◆ WHAT IS NEEDED ◆
Could you copy every line from the material below in which "surface" appears?

◆ DATA SHOWN ◆
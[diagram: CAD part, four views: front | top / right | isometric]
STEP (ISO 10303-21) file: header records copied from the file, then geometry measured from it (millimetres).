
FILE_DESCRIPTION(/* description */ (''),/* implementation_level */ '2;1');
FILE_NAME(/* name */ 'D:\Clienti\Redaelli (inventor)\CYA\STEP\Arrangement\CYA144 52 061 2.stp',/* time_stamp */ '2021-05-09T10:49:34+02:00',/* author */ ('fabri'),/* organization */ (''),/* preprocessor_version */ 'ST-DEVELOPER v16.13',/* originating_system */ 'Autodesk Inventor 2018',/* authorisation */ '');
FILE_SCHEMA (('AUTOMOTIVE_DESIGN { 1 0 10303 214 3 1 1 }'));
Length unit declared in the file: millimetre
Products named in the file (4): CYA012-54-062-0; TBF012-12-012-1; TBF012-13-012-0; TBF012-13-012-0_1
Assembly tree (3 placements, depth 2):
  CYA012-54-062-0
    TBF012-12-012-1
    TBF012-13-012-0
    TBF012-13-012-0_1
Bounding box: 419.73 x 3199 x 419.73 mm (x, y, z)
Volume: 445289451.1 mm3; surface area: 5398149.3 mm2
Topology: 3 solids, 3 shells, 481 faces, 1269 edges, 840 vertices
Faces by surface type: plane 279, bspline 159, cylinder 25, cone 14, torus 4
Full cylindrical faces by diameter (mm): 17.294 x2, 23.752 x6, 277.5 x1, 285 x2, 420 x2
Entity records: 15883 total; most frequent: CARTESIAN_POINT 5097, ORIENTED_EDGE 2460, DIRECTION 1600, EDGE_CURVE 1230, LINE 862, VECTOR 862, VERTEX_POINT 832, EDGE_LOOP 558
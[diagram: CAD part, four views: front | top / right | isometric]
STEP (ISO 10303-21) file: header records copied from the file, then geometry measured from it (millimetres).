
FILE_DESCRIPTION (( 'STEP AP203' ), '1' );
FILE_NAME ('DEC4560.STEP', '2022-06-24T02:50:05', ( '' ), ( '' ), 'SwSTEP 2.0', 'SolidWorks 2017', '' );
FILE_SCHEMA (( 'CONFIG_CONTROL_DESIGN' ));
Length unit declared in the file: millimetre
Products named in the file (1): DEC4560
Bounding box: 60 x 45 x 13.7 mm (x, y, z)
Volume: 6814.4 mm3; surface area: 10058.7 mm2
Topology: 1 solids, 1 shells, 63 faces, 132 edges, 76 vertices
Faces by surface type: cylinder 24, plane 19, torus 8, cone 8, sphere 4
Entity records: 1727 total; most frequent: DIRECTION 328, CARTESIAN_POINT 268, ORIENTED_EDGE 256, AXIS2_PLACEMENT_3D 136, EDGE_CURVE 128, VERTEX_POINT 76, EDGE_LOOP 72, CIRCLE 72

◆ EXERCISE RESULT ◆
Volume: 445289451.1 mm3; surface area: 5398149.3 mm2
Faces by surface type: plane 279, bspline 159, cylinder 25, cone 14, torus 4
Volume: 6814.4 mm3; surface area: 10058.7 mm2
Faces by surface type: cylinder 24, plane 19, torus 8, cone 8, sphere 4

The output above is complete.